The Western church, for all its strengths, has developed a deeply unhealthy theology of singleness. Marriage is treated as the default, the goal, the finish line of spiritual maturity. Singles are treated as incomplete — works in progress, rough drafts waiting for God to send an editor. Youth group culture is built around "saving yourself" for a future spouse. Couples are invited to dinner parties. Singles are invited to pray about it.
Here is the thing: none of this is biblical. Not even a little. The Bible does not treat singleness as a deficiency, a punishment, or a waiting room. It treats it as a legitimate, honored, even preferred state of life for certain callings. The two most important figures in the New Testament — Jesus and Paul — were both single. If singleness were a spiritual second class, the Savior of the world and the greatest missionary in church history both failed to check the most basic box.
So let us actually open the Bible and look at what it says about being single. Because it says a lot more — and a lot better — than most churches have led you to believe.
Jesus Was Single. Paul Was Single. Let That Sink In.
This should stop every "you need to get married to be complete" conversation dead in its tracks, but somehow it does not. So let us sit with it for a moment.
Jesus Christ — God incarnate, the fullest expression of human life ever lived, the person who was more whole, more complete, more emotionally healthy, more spiritually mature than any human being in history — was single. He never married. He never had a romantic partner. And He lived the most complete, purpose-filled, relationally rich life the world has ever seen.

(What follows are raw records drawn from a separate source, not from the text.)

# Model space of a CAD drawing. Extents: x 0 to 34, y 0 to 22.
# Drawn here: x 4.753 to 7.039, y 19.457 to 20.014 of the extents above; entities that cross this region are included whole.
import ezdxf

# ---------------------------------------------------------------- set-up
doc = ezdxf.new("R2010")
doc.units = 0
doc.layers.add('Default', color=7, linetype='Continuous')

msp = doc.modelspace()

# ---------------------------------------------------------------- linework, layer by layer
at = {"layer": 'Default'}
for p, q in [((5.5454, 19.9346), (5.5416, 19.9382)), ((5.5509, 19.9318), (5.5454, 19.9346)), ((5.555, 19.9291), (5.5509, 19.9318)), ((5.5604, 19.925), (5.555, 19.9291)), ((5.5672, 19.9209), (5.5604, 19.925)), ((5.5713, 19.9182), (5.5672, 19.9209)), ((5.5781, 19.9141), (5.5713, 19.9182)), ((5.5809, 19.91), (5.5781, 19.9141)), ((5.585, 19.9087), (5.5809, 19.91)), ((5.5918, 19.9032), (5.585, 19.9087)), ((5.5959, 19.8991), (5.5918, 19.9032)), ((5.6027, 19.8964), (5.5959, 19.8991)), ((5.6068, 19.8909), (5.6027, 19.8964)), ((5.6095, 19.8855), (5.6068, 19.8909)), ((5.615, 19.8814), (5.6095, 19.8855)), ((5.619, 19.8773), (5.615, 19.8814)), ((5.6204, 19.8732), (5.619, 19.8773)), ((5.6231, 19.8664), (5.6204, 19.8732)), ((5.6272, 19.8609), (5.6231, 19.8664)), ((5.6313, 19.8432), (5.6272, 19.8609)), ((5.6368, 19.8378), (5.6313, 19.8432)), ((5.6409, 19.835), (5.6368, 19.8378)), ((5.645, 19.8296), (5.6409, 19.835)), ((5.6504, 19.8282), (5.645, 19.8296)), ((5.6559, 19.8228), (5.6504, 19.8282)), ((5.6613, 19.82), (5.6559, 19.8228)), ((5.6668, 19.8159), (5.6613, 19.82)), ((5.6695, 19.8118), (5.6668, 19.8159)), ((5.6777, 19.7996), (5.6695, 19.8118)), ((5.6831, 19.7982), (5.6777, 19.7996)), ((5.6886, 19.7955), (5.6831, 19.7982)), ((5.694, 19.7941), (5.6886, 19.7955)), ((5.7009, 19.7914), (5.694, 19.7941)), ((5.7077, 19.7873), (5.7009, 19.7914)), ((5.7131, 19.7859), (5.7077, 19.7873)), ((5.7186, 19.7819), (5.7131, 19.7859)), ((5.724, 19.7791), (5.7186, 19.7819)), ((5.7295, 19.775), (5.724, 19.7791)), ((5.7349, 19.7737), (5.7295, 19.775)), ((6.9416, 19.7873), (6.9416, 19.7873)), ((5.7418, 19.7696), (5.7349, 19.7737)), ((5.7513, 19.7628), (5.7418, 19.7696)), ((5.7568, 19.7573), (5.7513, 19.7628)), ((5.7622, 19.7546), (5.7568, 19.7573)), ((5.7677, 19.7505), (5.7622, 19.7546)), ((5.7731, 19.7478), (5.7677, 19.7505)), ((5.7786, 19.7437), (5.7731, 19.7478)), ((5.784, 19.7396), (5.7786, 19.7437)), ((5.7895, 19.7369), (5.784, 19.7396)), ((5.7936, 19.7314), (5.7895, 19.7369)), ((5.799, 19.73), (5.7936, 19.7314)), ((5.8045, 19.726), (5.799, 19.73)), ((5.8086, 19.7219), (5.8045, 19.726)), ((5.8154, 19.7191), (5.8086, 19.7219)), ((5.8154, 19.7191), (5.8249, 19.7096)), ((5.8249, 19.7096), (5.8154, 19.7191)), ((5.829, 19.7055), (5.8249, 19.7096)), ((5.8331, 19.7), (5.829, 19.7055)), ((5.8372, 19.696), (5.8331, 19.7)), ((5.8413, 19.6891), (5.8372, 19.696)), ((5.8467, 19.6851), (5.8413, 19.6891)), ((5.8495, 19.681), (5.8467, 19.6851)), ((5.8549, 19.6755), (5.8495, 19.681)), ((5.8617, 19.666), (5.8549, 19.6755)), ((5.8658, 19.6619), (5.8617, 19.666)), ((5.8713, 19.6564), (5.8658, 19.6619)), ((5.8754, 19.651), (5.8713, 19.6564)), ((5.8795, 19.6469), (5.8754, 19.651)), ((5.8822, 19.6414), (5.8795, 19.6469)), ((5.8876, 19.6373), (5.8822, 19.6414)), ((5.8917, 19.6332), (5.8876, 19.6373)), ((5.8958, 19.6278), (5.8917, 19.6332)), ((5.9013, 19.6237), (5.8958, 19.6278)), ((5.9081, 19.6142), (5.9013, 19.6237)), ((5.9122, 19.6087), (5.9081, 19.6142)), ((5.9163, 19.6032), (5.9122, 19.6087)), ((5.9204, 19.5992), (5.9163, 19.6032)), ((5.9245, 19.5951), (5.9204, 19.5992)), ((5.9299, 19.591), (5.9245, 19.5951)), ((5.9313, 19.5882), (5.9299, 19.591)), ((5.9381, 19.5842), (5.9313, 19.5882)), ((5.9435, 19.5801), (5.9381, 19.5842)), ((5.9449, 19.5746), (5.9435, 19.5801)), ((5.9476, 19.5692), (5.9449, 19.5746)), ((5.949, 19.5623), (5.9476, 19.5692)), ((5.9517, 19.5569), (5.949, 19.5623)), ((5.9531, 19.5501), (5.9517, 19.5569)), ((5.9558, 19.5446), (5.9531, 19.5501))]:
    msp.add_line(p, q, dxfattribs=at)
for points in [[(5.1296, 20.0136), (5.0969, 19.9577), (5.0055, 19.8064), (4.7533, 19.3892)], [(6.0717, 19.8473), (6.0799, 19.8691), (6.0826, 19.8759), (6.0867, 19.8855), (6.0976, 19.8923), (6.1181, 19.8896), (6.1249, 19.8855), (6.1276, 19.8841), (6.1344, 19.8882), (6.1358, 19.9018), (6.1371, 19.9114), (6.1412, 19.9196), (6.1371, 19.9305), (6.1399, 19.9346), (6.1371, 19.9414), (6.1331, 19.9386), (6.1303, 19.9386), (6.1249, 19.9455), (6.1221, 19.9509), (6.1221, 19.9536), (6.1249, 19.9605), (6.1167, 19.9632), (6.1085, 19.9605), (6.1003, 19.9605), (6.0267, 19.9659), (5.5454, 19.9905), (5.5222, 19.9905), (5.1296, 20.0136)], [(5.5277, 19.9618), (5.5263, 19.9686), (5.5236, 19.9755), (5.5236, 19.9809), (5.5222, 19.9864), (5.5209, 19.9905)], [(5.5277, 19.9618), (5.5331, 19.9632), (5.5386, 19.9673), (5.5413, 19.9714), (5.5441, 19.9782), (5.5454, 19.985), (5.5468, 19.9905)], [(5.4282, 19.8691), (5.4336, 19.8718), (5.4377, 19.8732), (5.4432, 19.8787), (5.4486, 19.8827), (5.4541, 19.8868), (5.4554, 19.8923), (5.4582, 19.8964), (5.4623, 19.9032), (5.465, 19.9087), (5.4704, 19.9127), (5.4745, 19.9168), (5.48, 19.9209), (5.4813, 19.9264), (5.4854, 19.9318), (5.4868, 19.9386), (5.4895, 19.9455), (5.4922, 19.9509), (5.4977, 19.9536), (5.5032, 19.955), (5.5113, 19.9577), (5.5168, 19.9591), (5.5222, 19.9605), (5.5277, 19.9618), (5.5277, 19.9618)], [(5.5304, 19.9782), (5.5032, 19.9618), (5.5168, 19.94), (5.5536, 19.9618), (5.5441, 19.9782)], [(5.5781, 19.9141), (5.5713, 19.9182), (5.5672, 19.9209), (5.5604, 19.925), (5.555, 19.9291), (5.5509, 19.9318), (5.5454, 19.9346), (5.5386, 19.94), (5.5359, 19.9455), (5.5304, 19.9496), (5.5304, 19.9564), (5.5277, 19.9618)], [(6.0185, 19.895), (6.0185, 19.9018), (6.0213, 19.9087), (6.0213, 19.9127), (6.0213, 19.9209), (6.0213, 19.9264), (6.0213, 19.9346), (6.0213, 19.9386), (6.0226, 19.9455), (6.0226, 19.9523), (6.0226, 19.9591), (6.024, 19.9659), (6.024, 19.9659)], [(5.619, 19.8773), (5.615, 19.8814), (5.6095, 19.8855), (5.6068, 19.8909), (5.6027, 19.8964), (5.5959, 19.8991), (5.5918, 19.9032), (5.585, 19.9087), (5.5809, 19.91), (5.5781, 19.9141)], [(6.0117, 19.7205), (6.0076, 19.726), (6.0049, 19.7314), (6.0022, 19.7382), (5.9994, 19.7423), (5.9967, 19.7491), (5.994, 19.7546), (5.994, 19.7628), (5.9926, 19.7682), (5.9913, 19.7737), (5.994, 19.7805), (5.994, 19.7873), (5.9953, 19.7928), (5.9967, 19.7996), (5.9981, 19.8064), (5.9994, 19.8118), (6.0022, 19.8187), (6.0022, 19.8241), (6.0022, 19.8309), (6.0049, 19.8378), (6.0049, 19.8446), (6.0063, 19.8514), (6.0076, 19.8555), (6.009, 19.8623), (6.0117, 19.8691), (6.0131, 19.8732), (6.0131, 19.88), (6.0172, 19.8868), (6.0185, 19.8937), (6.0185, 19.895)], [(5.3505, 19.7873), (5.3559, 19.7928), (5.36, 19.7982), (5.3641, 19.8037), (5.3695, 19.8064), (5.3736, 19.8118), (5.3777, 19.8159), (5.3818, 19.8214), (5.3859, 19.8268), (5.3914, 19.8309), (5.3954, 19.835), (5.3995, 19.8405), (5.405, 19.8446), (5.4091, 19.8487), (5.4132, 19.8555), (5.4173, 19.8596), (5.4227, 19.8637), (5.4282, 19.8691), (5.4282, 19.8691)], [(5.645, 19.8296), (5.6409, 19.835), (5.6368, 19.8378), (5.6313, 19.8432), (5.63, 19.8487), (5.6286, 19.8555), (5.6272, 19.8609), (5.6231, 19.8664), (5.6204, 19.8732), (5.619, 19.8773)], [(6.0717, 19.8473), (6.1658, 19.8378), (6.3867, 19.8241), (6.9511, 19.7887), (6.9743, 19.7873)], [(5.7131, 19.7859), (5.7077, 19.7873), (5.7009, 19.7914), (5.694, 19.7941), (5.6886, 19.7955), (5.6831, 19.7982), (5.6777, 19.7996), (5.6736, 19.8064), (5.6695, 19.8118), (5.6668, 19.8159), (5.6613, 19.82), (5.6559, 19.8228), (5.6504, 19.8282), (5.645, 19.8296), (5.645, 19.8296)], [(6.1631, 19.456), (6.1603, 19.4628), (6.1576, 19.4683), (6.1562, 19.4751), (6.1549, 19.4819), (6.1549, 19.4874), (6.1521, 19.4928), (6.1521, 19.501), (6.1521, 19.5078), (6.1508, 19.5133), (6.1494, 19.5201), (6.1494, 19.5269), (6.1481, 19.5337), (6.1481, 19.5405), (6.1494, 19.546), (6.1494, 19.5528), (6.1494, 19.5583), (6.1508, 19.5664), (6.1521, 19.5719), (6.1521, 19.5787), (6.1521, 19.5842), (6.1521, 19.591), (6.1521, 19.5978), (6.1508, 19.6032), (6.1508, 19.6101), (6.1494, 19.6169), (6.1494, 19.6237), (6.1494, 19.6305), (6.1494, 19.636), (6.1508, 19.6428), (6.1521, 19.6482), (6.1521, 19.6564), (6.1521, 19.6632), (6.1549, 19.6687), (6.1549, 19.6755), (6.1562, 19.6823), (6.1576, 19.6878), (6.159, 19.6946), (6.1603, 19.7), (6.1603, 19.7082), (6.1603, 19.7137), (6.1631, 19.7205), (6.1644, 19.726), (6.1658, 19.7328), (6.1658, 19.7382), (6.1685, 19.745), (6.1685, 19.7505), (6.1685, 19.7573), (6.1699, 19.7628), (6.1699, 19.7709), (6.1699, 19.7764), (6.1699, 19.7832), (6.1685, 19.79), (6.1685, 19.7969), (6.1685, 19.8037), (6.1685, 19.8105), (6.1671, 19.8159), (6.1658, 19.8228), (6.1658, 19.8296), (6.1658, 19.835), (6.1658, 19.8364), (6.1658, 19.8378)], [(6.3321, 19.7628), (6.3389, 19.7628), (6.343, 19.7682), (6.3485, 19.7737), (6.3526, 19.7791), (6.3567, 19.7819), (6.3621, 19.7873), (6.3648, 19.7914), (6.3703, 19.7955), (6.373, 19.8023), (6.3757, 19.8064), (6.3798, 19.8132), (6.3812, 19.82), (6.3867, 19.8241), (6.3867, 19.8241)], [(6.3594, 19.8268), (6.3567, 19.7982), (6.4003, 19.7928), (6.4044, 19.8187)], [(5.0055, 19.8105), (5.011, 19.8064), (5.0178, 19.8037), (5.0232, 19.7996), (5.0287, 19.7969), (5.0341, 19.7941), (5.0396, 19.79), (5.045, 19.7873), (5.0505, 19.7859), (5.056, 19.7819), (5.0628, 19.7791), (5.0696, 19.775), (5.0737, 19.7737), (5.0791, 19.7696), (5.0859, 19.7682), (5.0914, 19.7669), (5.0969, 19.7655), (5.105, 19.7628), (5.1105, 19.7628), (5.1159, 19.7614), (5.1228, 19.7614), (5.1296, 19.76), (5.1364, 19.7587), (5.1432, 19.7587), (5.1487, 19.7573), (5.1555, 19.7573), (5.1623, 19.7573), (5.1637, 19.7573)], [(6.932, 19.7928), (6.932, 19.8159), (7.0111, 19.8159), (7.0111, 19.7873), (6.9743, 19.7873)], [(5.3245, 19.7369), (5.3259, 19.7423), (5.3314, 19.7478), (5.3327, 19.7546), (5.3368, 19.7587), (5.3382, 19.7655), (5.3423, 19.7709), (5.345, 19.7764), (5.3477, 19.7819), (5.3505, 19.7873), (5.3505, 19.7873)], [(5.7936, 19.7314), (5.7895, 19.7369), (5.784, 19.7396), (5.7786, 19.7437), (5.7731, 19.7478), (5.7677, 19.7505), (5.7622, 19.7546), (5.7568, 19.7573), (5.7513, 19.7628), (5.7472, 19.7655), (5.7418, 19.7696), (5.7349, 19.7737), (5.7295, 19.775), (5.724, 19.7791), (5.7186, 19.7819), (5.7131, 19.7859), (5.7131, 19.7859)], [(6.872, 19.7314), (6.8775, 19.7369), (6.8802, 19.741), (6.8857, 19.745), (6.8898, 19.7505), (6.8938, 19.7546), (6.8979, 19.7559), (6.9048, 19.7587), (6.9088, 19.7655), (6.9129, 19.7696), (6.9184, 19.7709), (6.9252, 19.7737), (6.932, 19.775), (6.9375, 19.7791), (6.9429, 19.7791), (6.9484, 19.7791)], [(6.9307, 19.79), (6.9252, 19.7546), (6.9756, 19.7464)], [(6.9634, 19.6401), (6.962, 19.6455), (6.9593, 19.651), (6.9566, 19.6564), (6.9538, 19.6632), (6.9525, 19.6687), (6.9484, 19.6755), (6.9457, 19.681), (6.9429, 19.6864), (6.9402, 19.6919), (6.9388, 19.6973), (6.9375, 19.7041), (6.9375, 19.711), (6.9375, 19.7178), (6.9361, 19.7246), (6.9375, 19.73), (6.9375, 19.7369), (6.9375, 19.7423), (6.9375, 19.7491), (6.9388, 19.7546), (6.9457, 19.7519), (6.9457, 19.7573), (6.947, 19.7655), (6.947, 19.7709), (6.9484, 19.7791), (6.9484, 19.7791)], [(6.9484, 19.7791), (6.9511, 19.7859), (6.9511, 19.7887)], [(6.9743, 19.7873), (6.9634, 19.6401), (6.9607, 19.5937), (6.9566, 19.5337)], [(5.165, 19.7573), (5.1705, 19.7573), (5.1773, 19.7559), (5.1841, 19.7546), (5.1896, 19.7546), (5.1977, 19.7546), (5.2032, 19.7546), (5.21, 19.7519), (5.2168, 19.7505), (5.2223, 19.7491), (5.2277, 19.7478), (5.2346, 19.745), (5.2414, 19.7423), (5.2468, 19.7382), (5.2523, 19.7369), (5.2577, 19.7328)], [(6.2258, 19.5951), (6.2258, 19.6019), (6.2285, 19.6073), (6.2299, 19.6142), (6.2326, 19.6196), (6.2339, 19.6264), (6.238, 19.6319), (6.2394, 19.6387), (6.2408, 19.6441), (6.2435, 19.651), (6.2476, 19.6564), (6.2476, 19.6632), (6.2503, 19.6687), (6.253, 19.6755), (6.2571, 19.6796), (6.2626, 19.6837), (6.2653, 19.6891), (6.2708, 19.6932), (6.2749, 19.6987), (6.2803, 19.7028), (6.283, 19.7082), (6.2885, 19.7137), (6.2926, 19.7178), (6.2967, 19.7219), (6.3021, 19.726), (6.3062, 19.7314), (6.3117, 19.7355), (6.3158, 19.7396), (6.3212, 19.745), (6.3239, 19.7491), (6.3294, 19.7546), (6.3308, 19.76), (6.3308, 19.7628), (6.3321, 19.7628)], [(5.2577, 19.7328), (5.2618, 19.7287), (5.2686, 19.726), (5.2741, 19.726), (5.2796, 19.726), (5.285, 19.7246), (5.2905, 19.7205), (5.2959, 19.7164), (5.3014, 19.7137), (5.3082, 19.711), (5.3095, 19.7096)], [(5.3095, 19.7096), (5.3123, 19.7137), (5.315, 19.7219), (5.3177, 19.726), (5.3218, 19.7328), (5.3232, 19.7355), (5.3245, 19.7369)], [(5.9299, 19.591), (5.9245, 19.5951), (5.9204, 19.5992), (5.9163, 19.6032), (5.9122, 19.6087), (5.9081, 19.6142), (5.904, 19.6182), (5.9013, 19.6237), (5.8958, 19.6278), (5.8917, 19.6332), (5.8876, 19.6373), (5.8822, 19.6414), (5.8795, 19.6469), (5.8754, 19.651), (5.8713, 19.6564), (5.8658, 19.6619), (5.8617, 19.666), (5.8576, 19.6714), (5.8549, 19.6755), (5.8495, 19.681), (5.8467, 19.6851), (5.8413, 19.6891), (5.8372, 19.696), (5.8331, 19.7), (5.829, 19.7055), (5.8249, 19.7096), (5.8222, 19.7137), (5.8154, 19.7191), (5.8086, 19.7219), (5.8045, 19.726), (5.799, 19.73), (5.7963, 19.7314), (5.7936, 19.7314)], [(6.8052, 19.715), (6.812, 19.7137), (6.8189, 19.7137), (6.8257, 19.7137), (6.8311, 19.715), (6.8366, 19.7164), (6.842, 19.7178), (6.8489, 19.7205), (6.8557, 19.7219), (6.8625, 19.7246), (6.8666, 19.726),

If marriage were necessary for human wholeness, Jesus was incomplete. Are we really prepared to say that? Are we really going to look at the Son of God and say He was missing something? That His life would have been better, fuller, more "finished" if He had found a nice girl in Nazareth and settled down? The very idea is absurd. And yet the way many churches treat singleness implies exactly this.
Paul was equally single and equally unapologetic about it. In fact, he went further — he actively recommended it. But we will get to that in the next section.
Beyond Jesus and Paul, consider the roster: Jeremiah was commanded by God to remain single as part of his prophetic calling. John the Baptist was single. Many of the early church fathers and mothers were single. The monastic tradition — which preserved Western civilization, kept Scripture alive, and built hospitals, schools, and universities — was built entirely by single people who gave their undivided attention to God and neighbor.
The history of Christianity is not the history of married people who occasionally let single people help. It is a history in which single people did some of the most extraordinary, world-changing, kingdom-building work imaginable. Your relationship status is not your spiritual résumé. Your faithfulness is.
What Paul Actually Said About Singleness (It's Not What You Think)
First Corinthians 7 is the most extensive passage on singleness in the New Testament, and it says things that would get Paul uninvited from most church marriage conferences.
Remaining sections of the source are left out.